I do the same thing with lying triceps extensions. I get two 17 lb dumbbells and rep out 100 reps.


----------



## Flyingdragon (Jan 5, 2018)

I use this same system when stroking my knob or someone elses knob.......


----------



## Flyingdragon (Jan 5, 2018)

All seriousness, u can do this with any large muscle group.....


----------



## JuiceTrain (Jan 5, 2018)

Or you could do sets of 20 kicks each leg on a heavy bag....Muay Thai status


----------



## Seeker (Jan 5, 2018)

Didn't know a muscle can be confused.  FD sure isn't confused that he likes big pp's.


----------



## Seeker (Jan 5, 2018)

I would never attempt a 100 rep squat though. Can't imagine it.


----------



## Rivere Stelanos (Jan 5, 2018)

Yeah, my normal leg workout kills me enough. A 100 rep squat might be over doing it.


----------



## John Ziegler (Jan 5, 2018)

TRUSTNME said:


> 1.



What is that trophy thing in the avatar & why is it sideways ?


----------



## PillarofBalance (Jan 5, 2018)

This is dumb imo.


----------



## tinymk (Jan 5, 2018)

Doesn't make any sense to me. Like a push-up, what have I accomplished by doing 100 push-ups in a minute? No one is going to hold decent form during 100 reps of this exercise. You gonna get heavily worn down and in turn trying to finish using sloppy reps.. 
$.02
Powerlifter POV


----------



## snake (Jan 5, 2018)

tinymk said:


> Doesn't make any sense to me. Like a push-up, what have I accomplished by doing 100 push-ups in a minute? No one is going to hold decent form during 100 reps of this exercise. You gonna get heavily worn down and in turn trying to finish using sloppy reps..
> $.02
> Powerlifter POV



Personally, this is just another way to get hurt without having 600 lbs on your back. Form goes to shit and something gives out.


----------



## motown1002 (Jan 5, 2018)

Its a one ball tea-bag


----------



## Rivere Stelanos (Jan 5, 2018)

tinymk said:


> Doesn't make any sense to me. Like a push-up, what have I accomplished by doing 100 push-ups in a minute? No one is going to hold decent form during 100 reps of this exercise. You gonna get heavily worn down and in turn trying to finish using sloppy reps..
> $.02
> Powerlifter POV


I agree, on something like a squat you need perfect form. And if you do 100 reps like this on a squat,deadlift, or bench you could really hurt yourself.


----------



## TRUSTNME (Jan 5, 2018)

Wow?  Really?  I guess Super sets, drop sets, which are all common for bodybuilding is dumb to?  The  key to training and muscle growth is to go to failure.  When training there will be a point where your form is a little off.  This is where drop sets, partner's assistance come into play.  Pushing past normal limits is where your growth begins. I guess no need in mentioning, cheat sets?  SMH........... Wow.


----------



## motown1002 (Jan 5, 2018)

There is a difference between going to failure, super setting, drop sets, negatives, and then this.  I think you know the difference.  There is so much room to get hurt doing 100 squats.  

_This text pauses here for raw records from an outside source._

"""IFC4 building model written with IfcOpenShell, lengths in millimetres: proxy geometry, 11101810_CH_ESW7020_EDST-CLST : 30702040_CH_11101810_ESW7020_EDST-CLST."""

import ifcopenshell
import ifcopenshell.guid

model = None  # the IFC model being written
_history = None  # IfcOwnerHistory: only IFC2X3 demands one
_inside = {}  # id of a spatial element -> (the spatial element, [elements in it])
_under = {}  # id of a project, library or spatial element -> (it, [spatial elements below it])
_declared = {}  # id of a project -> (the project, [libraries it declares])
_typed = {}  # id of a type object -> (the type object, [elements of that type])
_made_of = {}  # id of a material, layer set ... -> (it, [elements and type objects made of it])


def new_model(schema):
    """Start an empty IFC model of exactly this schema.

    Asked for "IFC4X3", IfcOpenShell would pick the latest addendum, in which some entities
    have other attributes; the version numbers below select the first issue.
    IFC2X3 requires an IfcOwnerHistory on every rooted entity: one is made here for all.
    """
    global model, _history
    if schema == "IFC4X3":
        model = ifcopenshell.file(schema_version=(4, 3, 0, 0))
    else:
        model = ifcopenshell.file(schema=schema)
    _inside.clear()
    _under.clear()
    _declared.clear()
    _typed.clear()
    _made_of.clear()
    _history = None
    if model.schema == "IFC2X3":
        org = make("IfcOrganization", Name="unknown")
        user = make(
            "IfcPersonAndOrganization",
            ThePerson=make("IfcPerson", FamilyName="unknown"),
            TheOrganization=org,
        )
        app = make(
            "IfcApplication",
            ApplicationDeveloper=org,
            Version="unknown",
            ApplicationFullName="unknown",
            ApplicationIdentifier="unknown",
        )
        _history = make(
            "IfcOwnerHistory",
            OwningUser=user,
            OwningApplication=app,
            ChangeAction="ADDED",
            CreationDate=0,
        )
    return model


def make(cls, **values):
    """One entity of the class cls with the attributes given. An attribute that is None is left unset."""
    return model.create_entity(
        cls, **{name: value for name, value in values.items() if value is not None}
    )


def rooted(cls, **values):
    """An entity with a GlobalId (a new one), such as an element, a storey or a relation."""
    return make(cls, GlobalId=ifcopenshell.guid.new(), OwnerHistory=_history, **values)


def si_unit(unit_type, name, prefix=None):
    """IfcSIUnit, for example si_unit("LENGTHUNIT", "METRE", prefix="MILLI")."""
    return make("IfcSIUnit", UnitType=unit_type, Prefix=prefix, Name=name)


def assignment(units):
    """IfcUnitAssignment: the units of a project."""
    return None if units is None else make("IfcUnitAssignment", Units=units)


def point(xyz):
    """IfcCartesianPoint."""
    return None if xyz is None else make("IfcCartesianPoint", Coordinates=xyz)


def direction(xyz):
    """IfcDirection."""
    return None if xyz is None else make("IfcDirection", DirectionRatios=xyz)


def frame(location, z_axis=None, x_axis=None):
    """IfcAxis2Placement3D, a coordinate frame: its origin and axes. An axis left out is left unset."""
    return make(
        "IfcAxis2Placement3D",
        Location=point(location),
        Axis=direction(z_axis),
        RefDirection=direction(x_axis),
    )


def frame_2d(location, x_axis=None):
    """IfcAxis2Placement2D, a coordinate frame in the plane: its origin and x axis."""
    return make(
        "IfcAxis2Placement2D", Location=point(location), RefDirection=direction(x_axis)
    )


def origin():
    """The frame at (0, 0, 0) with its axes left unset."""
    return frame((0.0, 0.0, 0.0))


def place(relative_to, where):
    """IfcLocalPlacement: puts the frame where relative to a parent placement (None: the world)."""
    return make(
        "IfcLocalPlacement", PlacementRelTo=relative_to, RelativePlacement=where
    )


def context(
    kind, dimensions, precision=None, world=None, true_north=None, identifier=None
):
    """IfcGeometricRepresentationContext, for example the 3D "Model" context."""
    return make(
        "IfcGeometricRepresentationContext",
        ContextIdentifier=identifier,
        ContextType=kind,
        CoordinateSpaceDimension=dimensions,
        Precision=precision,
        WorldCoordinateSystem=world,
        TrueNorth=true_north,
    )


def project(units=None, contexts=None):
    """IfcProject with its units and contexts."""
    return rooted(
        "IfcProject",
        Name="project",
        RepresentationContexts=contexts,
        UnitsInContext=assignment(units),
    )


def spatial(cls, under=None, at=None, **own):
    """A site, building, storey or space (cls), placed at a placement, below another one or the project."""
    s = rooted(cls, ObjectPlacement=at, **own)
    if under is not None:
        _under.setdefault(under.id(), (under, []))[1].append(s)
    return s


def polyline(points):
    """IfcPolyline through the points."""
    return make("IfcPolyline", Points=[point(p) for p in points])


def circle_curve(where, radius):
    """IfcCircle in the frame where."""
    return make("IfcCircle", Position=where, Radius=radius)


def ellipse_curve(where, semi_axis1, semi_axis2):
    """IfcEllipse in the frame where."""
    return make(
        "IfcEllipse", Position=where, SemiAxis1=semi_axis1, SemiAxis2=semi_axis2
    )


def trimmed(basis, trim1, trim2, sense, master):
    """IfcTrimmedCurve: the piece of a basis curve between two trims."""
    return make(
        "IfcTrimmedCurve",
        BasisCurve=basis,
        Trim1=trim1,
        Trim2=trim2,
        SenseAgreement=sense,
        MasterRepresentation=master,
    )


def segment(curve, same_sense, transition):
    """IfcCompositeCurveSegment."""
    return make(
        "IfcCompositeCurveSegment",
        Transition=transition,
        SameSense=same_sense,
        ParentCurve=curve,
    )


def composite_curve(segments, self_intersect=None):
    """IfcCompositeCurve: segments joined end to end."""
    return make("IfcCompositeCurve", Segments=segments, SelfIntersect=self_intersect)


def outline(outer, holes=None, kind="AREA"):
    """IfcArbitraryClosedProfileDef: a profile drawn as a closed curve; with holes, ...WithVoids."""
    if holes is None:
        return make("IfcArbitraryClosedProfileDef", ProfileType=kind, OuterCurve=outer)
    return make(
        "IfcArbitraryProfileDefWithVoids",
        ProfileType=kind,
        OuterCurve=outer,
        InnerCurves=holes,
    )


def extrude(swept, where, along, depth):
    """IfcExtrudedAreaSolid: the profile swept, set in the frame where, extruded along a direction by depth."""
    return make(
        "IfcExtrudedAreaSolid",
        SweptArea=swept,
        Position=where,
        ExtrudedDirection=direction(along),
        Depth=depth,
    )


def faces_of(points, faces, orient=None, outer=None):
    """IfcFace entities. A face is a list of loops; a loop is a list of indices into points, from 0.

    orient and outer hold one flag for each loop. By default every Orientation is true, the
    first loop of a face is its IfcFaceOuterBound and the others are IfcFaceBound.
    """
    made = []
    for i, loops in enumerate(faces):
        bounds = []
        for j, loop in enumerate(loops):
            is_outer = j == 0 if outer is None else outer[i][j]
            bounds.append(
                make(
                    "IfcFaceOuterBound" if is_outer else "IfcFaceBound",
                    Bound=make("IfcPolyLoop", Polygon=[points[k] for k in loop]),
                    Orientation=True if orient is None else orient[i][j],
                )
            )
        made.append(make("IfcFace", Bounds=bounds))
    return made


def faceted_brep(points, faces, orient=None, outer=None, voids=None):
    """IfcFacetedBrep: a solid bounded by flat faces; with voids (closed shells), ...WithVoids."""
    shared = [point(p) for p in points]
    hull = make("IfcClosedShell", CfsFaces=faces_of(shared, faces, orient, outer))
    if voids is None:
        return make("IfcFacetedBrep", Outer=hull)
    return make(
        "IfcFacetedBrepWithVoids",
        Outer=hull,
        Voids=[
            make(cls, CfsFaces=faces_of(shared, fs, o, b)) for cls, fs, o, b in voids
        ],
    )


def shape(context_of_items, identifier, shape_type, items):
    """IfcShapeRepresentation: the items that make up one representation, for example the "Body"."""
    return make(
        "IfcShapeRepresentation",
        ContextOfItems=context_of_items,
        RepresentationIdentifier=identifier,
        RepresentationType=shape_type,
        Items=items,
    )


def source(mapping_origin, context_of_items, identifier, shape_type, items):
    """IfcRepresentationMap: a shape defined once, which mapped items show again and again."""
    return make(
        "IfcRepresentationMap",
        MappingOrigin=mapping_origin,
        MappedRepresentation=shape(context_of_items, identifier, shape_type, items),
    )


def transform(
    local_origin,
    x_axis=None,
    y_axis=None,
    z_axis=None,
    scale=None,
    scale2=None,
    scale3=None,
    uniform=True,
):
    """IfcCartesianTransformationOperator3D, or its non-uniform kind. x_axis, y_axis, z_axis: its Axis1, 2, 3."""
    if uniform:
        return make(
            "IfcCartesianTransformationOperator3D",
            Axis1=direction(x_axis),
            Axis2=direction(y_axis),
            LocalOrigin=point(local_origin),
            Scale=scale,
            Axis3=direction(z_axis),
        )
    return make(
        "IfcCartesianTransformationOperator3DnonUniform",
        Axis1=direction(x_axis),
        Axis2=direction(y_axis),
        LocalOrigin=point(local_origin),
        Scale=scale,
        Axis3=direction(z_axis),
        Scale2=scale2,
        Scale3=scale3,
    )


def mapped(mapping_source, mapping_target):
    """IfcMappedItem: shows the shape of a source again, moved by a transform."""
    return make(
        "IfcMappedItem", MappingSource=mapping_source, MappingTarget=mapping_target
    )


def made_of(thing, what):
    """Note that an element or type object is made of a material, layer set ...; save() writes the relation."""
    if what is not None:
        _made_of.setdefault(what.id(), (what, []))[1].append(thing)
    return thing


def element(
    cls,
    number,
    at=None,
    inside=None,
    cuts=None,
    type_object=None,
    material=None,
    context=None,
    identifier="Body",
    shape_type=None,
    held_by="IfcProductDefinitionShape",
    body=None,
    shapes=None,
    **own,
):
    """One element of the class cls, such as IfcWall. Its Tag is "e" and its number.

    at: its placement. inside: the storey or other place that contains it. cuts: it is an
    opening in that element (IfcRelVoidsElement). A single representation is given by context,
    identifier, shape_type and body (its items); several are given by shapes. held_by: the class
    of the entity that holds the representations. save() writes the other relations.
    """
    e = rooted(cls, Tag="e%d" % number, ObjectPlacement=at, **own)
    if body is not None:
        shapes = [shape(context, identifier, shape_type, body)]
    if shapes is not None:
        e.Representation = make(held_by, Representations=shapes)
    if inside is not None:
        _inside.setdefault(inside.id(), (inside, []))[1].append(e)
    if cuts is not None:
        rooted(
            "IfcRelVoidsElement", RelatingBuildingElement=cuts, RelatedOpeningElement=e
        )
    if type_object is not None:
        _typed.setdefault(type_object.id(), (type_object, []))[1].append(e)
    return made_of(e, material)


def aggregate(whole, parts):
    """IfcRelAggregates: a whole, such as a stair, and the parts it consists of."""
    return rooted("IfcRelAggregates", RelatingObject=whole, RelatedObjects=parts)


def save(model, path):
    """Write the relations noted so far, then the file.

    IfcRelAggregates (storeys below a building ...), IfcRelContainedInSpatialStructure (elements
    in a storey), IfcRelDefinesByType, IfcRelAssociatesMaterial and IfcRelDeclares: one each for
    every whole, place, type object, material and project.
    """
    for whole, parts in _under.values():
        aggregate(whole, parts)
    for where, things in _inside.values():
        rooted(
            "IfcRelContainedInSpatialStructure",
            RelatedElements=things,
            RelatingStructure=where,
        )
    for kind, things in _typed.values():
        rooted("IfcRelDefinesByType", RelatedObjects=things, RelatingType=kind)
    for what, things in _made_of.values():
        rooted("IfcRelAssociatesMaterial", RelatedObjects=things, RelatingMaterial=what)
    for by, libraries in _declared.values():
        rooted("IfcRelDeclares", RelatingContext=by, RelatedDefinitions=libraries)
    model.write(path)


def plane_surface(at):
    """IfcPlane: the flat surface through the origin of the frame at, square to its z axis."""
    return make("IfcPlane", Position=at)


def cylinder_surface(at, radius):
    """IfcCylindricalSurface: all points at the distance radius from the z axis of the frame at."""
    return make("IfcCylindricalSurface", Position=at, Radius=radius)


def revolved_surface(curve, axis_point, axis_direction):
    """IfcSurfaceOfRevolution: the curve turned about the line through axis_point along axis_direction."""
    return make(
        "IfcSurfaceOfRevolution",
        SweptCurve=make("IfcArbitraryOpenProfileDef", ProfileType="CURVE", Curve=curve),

ps - no need for the attitude brother.  You're just getting feedback.


----------



## ECKSRATED (Jan 5, 2018)

I don't think it's dumb. Def would be hard as ****. I'll give it a shot for ya man and see how it goes. Probably gonna be painful but I like that type of challenge.


----------



## motown1002 (Jan 5, 2018)

Ecks - would you video it for us?  :32 (20):  I cant do 100 knee bends.


----------



## SFGiants (Jan 5, 2018)

Donte that Dog Crap buy had some serious leg workouts, 20 reps was max reps if I;m correct.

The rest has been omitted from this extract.